# UTI? What is it!



## Almonds (Jan 15, 2011)

Ok so vet appointment is wednesday, but today Opus developed yellow crusties at the tip of his penis and a tiny black dot in the middle of it all. Has anyone seen this before? Waiting and not knowing is killin me! :?


----------



## Quilled1 (Dec 29, 2010)

UTI = urinary tract infection

Us humans get 'em too. They're very painful but easily treatable (at least in humans).


----------



## Immortalia (Jan 24, 2009)

What sort of bedding/litter are you using?
Is it possible he got something stuck inside? Are you able to see any sort of injury or irritation other than the crusty and the black dot?

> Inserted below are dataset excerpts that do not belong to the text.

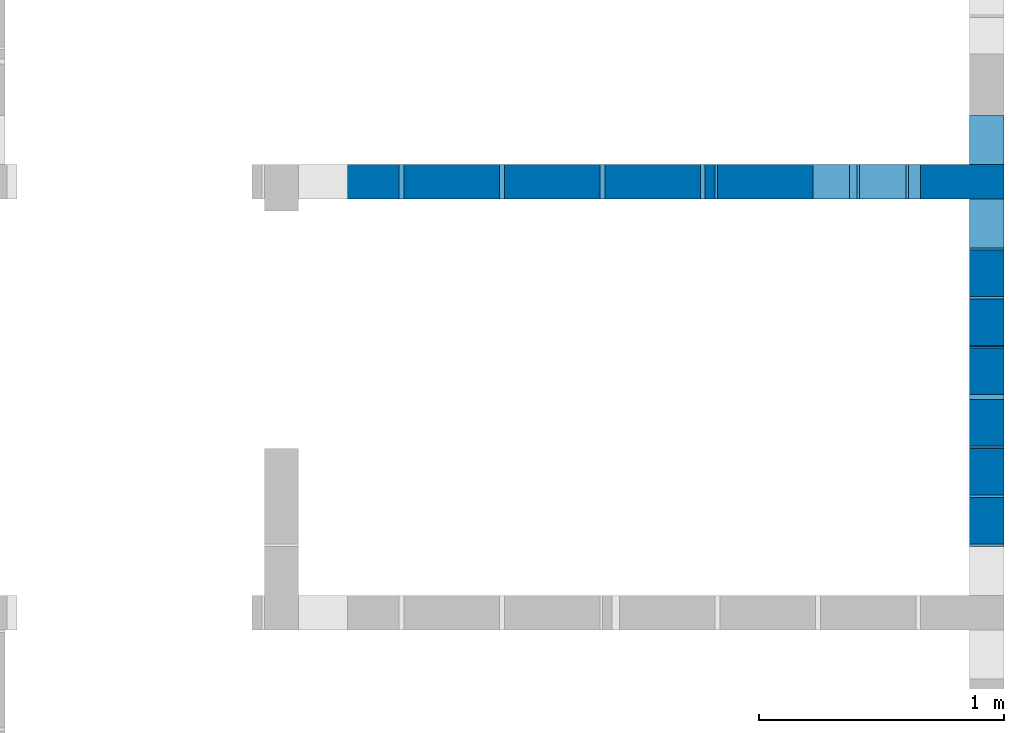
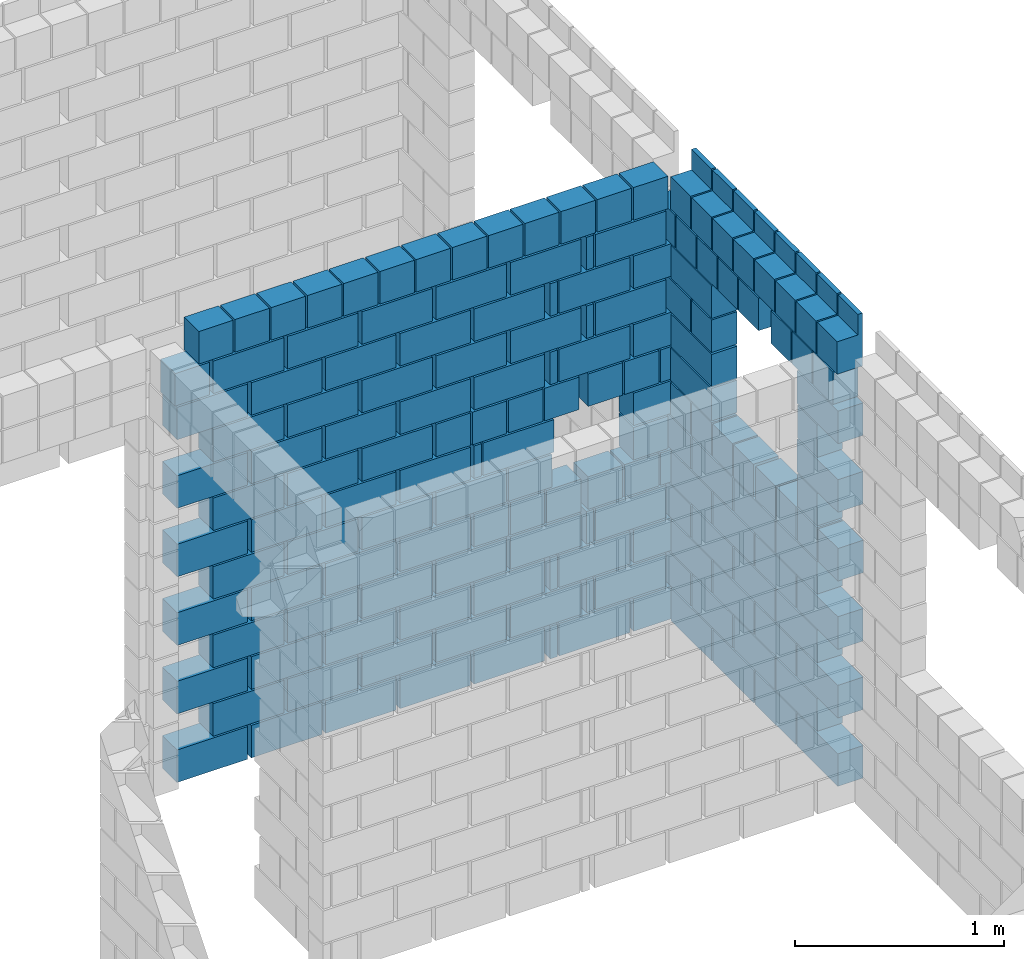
# One storey, part 10 of 12: 3 walls.
"""IFC4 building model written with IfcOpenShell, lengths in centimetres."""

from ifc_helpers import new_model, si_unit, derived_unit, frame, origin, origin_with_axes, origin_2d_with_axis, place, context, project, spatial, rectangle, extrude, element, save


model = new_model("IFC4")

# Units and contexts
model_context = context("Model", 3, precision=1e-05, world=origin_with_axes(), identifier="Body")
ifc_project = project(units=[si_unit("LENGTHUNIT", "METRE", prefix="CENTI"), si_unit("VOLUMEUNIT", "CUBIC_METRE"), si_unit("AREAUNIT", "SQUARE_METRE"), si_unit("POWERUNIT", "WATT"), si_unit("LUMINOUSFLUXUNIT", "LUMEN"), si_unit("ELECTRICCURRENTUNIT", "AMPERE"), si_unit("PRESSUREUNIT", "PASCAL", prefix="KILO"), si_unit("MASSUNIT", "GRAM", prefix="KILO"), si_unit("PLANEANGLEUNIT", "RADIAN"), derived_unit("VOLUMETRICFLOWRATEUNIT", [(si_unit("LENGTHUNIT", "METRE"), 3), (si_unit("TIMEUNIT", "SECOND"), -1)])], contexts=[model_context])

# Site, building, storey
site_placement = place(None, origin_with_axes())
site = spatial("IfcSite", under=ifc_project, at=site_placement)
building_placement = place(site_placement, origin())
building = spatial("IfcBuilding", under=site, at=building_placement)
storey_placement = place(building_placement, origin_with_axes())
storey = spatial("IfcBuildingStorey", under=building, at=storey_placement, Name="PISO", CompositionType="ELEMENT", Elevation=0.0)

# Walls
wall_1_placement = place(storey_placement, frame((682.01, 557.01, 239.0), z_axis=(0.0, 0.0, 1.0), x_axis=(1.0, 0.0, 0.0)))
element("IfcWall", 1, at=wall_1_placement, inside=storey, context=model_context, shape_type="SolidModel", body=[
    extrude(rectangle(XDim=34.0, YDim=14.0, at=origin_2d_with_axis()), frame((0.0, 0.0, -239.0), z_axis=(0.0, 0.0, 1.0), x_axis=(-1.0, 0.0, 0.0)), (0.0, 0.0, 1.0), 19.0),
    extrude(rectangle(XDim=54.0, YDim=14.0, at=origin_2d_with_axis()), frame((10.0, 0.0, -219.0), z_axis=(0.0, 0.0, 1.0), x_axis=(0.0, 1.0, 0.0)), (0.0, 0.0, 1.0), 19.0),
    extrude(rectangle(XDim=34.0, YDim=14.0, at=origin_2d_with_axis()), frame((0.0, 0.0, -199.0), z_axis=(0.0, 0.0, 1.0), x_axis=(-1.0, 0.0, 0.0)), (0.0, 0.0, 1.0), 19.0),
    extrude(rectangle(XDim=54.0, YDim=14.0, at=origin_2d_with_axis()), frame((10.0, 0.0, -179.0), z_axis=(0.0, 0.0, 1.0), x_axis=(0.0, 1.0, 0.0)), (0.0, 0.0, 1.0), 19.0),
    extrude(rectangle(XDim=19.0, YDim=14.0, at=origin_2d_with_axis()), frame((7.5, 0.0, -159.0), z_axis=(0.0, 0.0, 1.0), x_axis=(-1.0, 0.0, 0.0)), (0.0, 0.0, 1.0), 19.0),
    extrude(rectangle(XDim=54.0, YDim=14.0, at=origin_2d_with_axis()), frame((10.0, 0.0, -139.0), z_axis=(0.0, 0.0, 1.0), x_axis=(0.0, 1.0, 0.0)), (0.0, 0.0, 1.0), 19.0),
    extrude(rectangle(XDim=34.0, YDim=14.0, at=origin_2d_with_axis()), frame((0.0, 0.0, -119.0), z_axis=(0.0, 0.0, 1.0), x_axis=(-1.0, 0.0, 0.0)), (0.0, 0.0, 1.0), 19.0),
    extrude(rectangle(XDim=19.0, YDim=14.0, at=origin_2d_with_axis()), frame((7.5, 0.0, -99.0), z_axis=(0.0, 0.0, 1.0), x_axis=(-1.0, 0.0, 0.0)), (0.0, 0.0, 1.0), 19.0),
    extrude(rectangle(XDim=34.0, YDim=14.0, at=origin_2d_with_axis()), frame((0.0, 0.0, -79.0), z_axis=(0.0, 0.0, 1.0), x_axis=(-1.0, 0.0, 0.0)), (0.0, 0.0, 1.0), 19.0),
    extrude(rectangle(XDim=54.0, YDim=14.0, at=origin_2d_with_axis()), frame((10.0, 0.0, -59.0), z_axis=(0.0, 0.0, 1.0), x_axis=(0.0, 1.0, 0.0)), (0.0, 0.0, 1.0), 19.0),
    extrude(rectangle(XDim=34.0, YDim=14.0, at=origin_2d_with_axis()), frame((0.0, 0.0, -39.0), z_axis=(0.0, 0.0, 1.0), x_axis=(-1.0, 0.0, 0.0)), (0.0, 0.0, 1.0), 19.0),
    extrude(rectangle(XDim=19.0, YDim=14.0, at=origin_2d_with_axis()), frame((10.0, -2.5, -19.0), z_axis=(0.0, 0.0, 1.0), x_axis=(0.0, -1.0, 0.0)), (0.0, 0.0, 1.0), 19.0),
])
wall_2_placement = place(storey_placement, frame((692.01, 469.01, 271.0), z_axis=(0.0, 0.0, 1.0), x_axis=(1.0, 0.0, 0.0)))
element("IfcWall", 2, at=wall_2_placement, inside=storey, Name="PAR-PISO-15", context=model_context, shape_type="SolidModel", body=[
    extrude(rectangle(XDim=39.0, YDim=14.0, at=origin_2d_with_axis()), frame((0.0, 60.3, -271.0), z_axis=(0.0, 0.0, 1.0), x_axis=(0.0, -1.0, 0.0)), (0.0, 0.0, 1.0), 19.0),
    extrude(rectangle(XDim=39.0, YDim=14.0, at=origin_2d_with_axis()), frame((0.0, 20.1, -271.0), z_axis=(0.0, 0.0, 1.0), x_axis=(0.0, -1.0, 0.0)), (0.0, 0.0, 1.0), 19.0),
    extrude(rectangle(XDim=39.0, YDim=14.0, at=origin_2d_with_axis()), frame((0.0, -20.1, -271.0), z_axis=(0.0, 0.0, 1.0), x_axis=(0.0, -1.0, 0.0)), (0.0, 0.0, 1.0), 19.0),
    extrude(rectangle(XDim=39.0, YDim=14.0, at=origin_2d_with_axis()), frame((0.0, -60.3, -271.0), z_axis=(0.0, 0.0, 1.0), x_axis=(0.0, -1.0, 0.0)), (0.0, 0.0, 1.0), 19.0),
    extrude(rectangle(XDim=39.0, YDim=14.0, at=origin_2d_with_axis()), frame((0.0, 40.25, -251.0), z_axis=(0.0, 0.0, 1.0), x_axis=(0.0, -1.0, 0.0)), (0.0, 0.0, 1.0), 19.0),
    extrude(rectangle(XDim=39.0, YDim=14.0, at=origin_2d_with_axis()), frame((0.0, 0.0, -251.0), z_axis=(0.0, 0.0, 1.0), x_axis=(0.0, -1.0, 0.0)), (0.0, 0.0, 1.0), 19.0),
    extrude(rectangle(XDim=39.0, YDim=14.0, at=origin_2d_with_axis()), frame((0.0, -40.25, -251.0), z_axis=(0.0, 0.0, 1.0), x_axis=(0.0, -1.0, 0.0)), (0.0, 0.0, 1.0), 19.0),
    extrude(rectangle(XDim=39.0, YDim=14.0, at=origin_2d_with_axis()), frame((0.0, 60.3, -231.0), z_axis=(0.0, 0.0, 1.0), x_axis=(0.0, -1.0, 0.0)), (0.0, 0.0, 1.0), 19.0),
    extrude(rectangle(XDim=39.0, YDim=14.0, at=origin_2d_with_axis()), frame((0.0, 20.1, -231.0), z_axis=(0.0, 0.0, 1.0), x_axis=(0.0, -1.0, 0.0)), (0.0, 0.0, 1.0), 19.0),
    extrude(rectangle(XDim=39.0, YDim=14.0, at=origin_2d_with_axis()), frame((0.0, -20.1, -231.0), z_axis=(0.0, 0.0, 1.0), x_axis=(0.0, -1.0, 0.0)), (0.0, 0.0, 1.0), 19.0),
    extrude(rectangle(XDim=39.0, YDim=14.0, at=origin_2d_with_axis()), frame((0.0, -60.3, -231.0), z_axis=(0.0, 0.0, 1.0), x_axis=(0.0, -1.0, 0.0)), (0.0, 0.0, 1.0), 19.0),
    extrude(rectangle(XDim=39.0, YDim=14.0, at=origin_2d_with_axis()), frame((0.0, 40.25, -211.0), z_axis=(0.0, 0.0, 1.0), x_axis=(0.0, -1.0, 0.0)), (0.0, 0.0, 1.0), 19.0),
    extrude(rectangle(XDim=39.0, YDim=14.0, at=origin_2d_with_axis()), frame((0.0, 0.0, -211.0), z_axis=(0.0, 0.0, 1.0), x_axis=(0.0, -1.0, 0.0)), (0.0, 0.0, 1.0), 19.0),
    extrude(rectangle(XDim=39.0, YDim=14.0, at=origin_2d_with_axis()), frame((0.0, -40.25, -211.0), z_axis=(0.0, 0.0, 1.0), x_axis=(0.0, -1.0, 0.0)), (0.0, 0.0, 1.0), 19.0),
    extrude(rectangle(XDim=39.0, YDim=14.0, at=origin_2d_with_axis()), frame((0.0, 60.3, -191.0), z_axis=(0.0, 0.0, 1.0), x_axis=(0.0, -1.0, 0.0)), (0.0, 0.0, 1.0), 19.0),
    extrude(rectangle(XDim=39.0, YDim=14.0, at=origin_2d_with_axis()), frame((0.0, 20.1, -191.0), z_axis=(0.0, 0.0, 1.0), x_axis=(0.0, -1.0, 0.0)), (0.0, 0.0, 1.0), 19.0),
    extrude(rectangle(XDim=39.0, YDim=14.0, at=origin_2d_with_axis()), frame((0.0, -20.1, -191.0), z_axis=(0.0, 0.0, 1.0), x_axis=(0.0, -1.0, 0.0)), (0.0, 0.0, 1.0), 19.0),
    extrude(rectangle(XDim=39.0, YDim=14.0, at=origin_2d_with_axis()), frame((0.0, -60.3, -191.0), z_axis=(0.0, 0.0, 1.0), x_axis=(0.0, -1.0, 0.0)), (0.0, 0.0, 1.0), 19.0),
    extrude(rectangle(XDim=39.0, YDim=14.0, at=origin_2d_with_axis()), frame((0.0, 40.25, -171.0), z_axis=(0.0, 0.0, 1.0), x_axis=(0.0, -1.0, 0.0)), (0.0, 0.0, 1.0), 19.0),
    extrude(rectangle(XDim=39.0, YDim=14.0, at=origin_2d_with_axis()), frame((0.0, 0.0, -171.0), z_axis=(0.0, 0.0, 1.0), x_axis=(0.0, -1.0, 0.0)), (0.0, 0.0, 1.0), 19.0),
    extrude(rectangle(XDim=39.0, YDim=14.0, at=origin_2d_with_axis()), frame((0.0, -40.25, -171.0), z_axis=(0.0, 0.0, 1.0), x_axis=(0.0, -1.0, 0.0)), (0.0, 0.0, 1.0), 19.0),
    extrude(rectangle(XDim=19.0, YDim=14.0, at=origin_2d_with_axis()), frame((0.0, 70.5, -151.0), z_axis=(0.0, 0.0, 1.0), x_axis=(0.0, -1.0, 0.0)), (0.0, 0.0, 1.0), 19.0),
    extrude(rectangle(XDim=19.0, YDim=14.0, at=origin_2d_with_axis()), frame((0.0, 50.5, -151.0), z_axis=(0.0, 0.0, 1.0), x_axis=(0.0, -1.0, 0.0)), (0.0, 0.0, 1.0), 19.0),
    extrude(rectangle(XDim=19.0, YDim=14.0, at=origin_2d_with_axis()), frame((0.0, 30.5, -151.0), z_axis=(0.0, 0.0, 1.0), x_axis=(0.0, -1.0, 0.0)), (0.0, 0.0, 1.0), 19.0),
    extrude(rectangle(XDim=19.0, YDim=14.0, at=origin_2d_with_axis()), frame((0.0, 10.5, -151.0), z_axis=(0.0, 0.0, 1.0), x_axis=(0.0, -1.0, 0.0)), (0.0, 0.0, 1.0), 19.0),
    extrude(rectangle(XDim=19.0, YDim=14.0, at=origin_2d_with_axis()), frame((0.0, -10.5, -151.0), z_axis=(0.0, 0.0, 1.0), x_axis=(0.0, -1.0, 0.0)), (0.0, 0.0, 1.0), 19.0),
    extrude(rectangle(XDim=19.0, YDim=14.0, at=origin_2d_with_axis()), frame((0.0, -30.5, -151.0), z_axis=(0.0, 0.0, 1.0), x_axis=(0.0, -1.0, 0.0)), (0.0, 0.0, 1.0), 19.0),
    extrude(rectangle(XDim=19.0, YDim=14.0, at=origin_2d_with_axis()), frame((0.0, -50.5, -151.0), z_axis=(0.0, 0.0, 1.0), x_axis=(0.0, -1.0, 0.0)), (0.0, 0.0, 1.0), 19.0),
    extrude(rectangle(XDim=19.0, YDim=14.0, at=origin_2d_with_axis()), frame((0.0, -70.5, -151.0), z_axis=(0.0, 0.0, 1.0), x_axis=(0.0, -1.0, 0.0)), (0.0, 0.0, 1.0), 19.0),
    extrude(rectangle(XDim=19.0, YDim=14.0, at=origin_2d_with_axis()), frame((0.0, -50.5, -131.0), z_axis=(0.0, 0.0, 1.0), x_axis=(0.0, -1.0, 0.0)), (0.0, 0.0, 1.0), 19.0),
    extrude(rectangle(XDim=39.0, YDim=14.0, at=origin_2d_with_axis()), frame((0.0, 60.5, -131.0), z_axis=(0.0, 0.0, 1.0), x_axis=(0.0, -1.0, 0.0)), (0.0, 0.0, 1.0), 19.0),
    extrude(rectangle(XDim=39.0, YDim=14.0, at=origin_2d_with_axis()), frame((0.0, 60.3, -111.0), z_axis=(0.0, 0.0, 1.0), x_axis=(0.0, -1.0, 0.0)), (0.0, 0.0, 1.0), 19.0),
    extrude(rectangle(XDim=39.0, YDim=14.0, at=origin_2d_with_axis()), frame((0.0, -60.3, -111.0), z_axis=(0.0, 0.0, 1.0), x_axis=(0.0, -1.0, 0.0)), (0.0, 0.0, 1.0), 19.0),
    extrude(rectangle(XDim=19.0, YDim=14.0, at=origin_2d_with_axis()), frame((0.0, -50.5, -91.0), z_axis=(0.0, 0.0, 1.0), x_axis=(0.0, -1.0, 0.0)), (0.0, 0.0, 1.0), 19.0),
    extrude(rectangle(XDim=19.0, YDim=14.0, at=origin_2d_with_axis()), frame((0.0, 50.5, -91.0), z_axis=(0.0, 0.0, 1.0), x_axis=(0.0, -1.0, 0.0)), (0.0, 0.0, 1.0), 19.0),
    extrude(rectangle(XDim=39.0, YDim=14.0, at=origin_2d_with_axis()), frame((0.0, 60.3, -71.0), z_axis=(0.0, 0.0, 1.0), x_axis=(0.0, -1.0, 0.0)), (0.0, 0.0, 1.0), 19.0),
    extrude(rectangle(XDim=39.0, YDim=14.0, at=origin_2d_with_axis()), frame((0.0, -60.3, -71.0), z_axis=(0.0, 0.0, 1.0), x_axis=(0.0, -1.0, 0.0)), (0.0, 0.0, 1.0), 19.0),
    extrude(rectangle(XDim=19.0, YDim=14.0, at=origin_2d_with_axis()), frame((0.0, 65.5, -51.0), z_axis=(0.0, 0.0, 1.0), x_axis=(0.0, -1.0, 0.0)), (0.0, 0.0, 1.0), 19.0),
    extrude(rectangle(XDim=19.0, YDim=14.0, at=origin_2d_with_axis()), frame((0.0, 45.5, -51.0), z_axis=(0.0, 0.0, 1.0), x_axis=(0.0, -1.0, 0.0)), (0.0, 0.0, 1.0), 19.0),
    extrude(rectangle(XDim=19.0, YDim=14.0, at=origin_2d_with_axis()), frame((0.0, 25.5, -51.0), z_axis=(0.0, 0.0, 1.0), x_axis=(0.0, -1.0, 0.0)), (0.0, 0.0, 1.0), 19.0),
    extrude(rectangle(XDim=19.0, YDim=14.0, at=origin_2d_with_axis()), frame((0.0, 5.5, -51.0), z_axis=(0.0, 0.0, 1.0), x_axis=(0.0, -1.0, 0.0)), (0.0, 0.0, 1.0), 19.0),
    extrude(rectangle(XDim=19.0, YDim=14.0, at=origin_2d_with_axis()), frame((0.0, -25.5, -51.0), z_axis=(0.0, 0.0, 1.0), x_axis=(0.0, -1.0, 0.0)), (0.0, 0.0, 1.0), 19.0),
    extrude(rectangle(XDim=19.0, YDim=14.0, at=origin_2d_with_axis()), frame((0.0, -45.5, -51.0), z_axis=(0.0, 0.0, 1.0), x_axis=(0.0, -1.0, 0.0)), (0.0, 0.0, 1.0), 19.0),
    extrude(rectangle(XDim=19.0, YDim=14.0, at=origin_2d_with_axis()), frame((0.0, -65.5, -51.0), z_axis=(0.0, 0.0, 1.0), x_axis=(0.0, -1.0, 0.0)), (0.0, 0.0, 1.0), 19.0),
    extrude(rectangle(XDim=19.0, YDim=2.5, at=origin_2d_with_axis()), frame((5.75, 70.5, -12.0), z_axis=(0.0, 0.0, 1.0), x_axis=(0.0, -1.0, 0.0)), (0.0, 0.0, 1.0), 12.0),
    extrude(rectangle(XDim=19.0, YDim=14.0, at=origin_2d_with_axis()), frame((0.0, 70.5, -31.0), z_axis=(0.0, 0.0, 1.0), x_axis=(0.0, -1.0, 0.0)), (0.0, 0.0, 1.0), 19.0),
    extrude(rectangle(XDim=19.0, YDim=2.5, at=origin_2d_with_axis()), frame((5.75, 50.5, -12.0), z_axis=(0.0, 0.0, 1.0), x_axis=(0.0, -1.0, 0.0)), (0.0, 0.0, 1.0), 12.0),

Does the black dot look like a foreign object stuck somewhere?


----------



## Almonds (Jan 15, 2011)

I use fleece liners and I took his litter box out because i felt like it took up to much room when he mostly poops on his saucer anyways. It doesn't look like anything caught but rather scab like. His skin doesn't look irritated but his sheath is poking out (maybe swollen?) a little more than usual. I was just wondering if it was symptoms of a UTI. He's quite irritable and is loosing several quills everytime when handled despite done with quilling. This appointment can't come soon enough! =(


----------



## nikki (Aug 28, 2008)

While your waiting for his appointment, make sure he's still peeing. Put him on a while liner or even a white sheet so you can see it. Also a warm bath with just enough water to reach his tummy may soften the black spot if it is a scab. He may have bit himself during "boy time"


----------



## HedgehogsAnonymous (Dec 30, 2010)

How'd it go with the Vet?


----------



## Almonds (Jan 15, 2011)

Well my vet was unsure what to make of it. But we found out he has mites and parasites, most likely from the pet store I got him from because I've only had him for about a month. He was prescribed revolution and panacular suspension and I have a follow up appointment in two weeks to see if anything noticeable changes about his condition I can note on. Overall though she wasn't sure what was the cause of the discharge/puss. But I have good hope we will figure out what is going on as she is one of the best around =) Thank you for your concern.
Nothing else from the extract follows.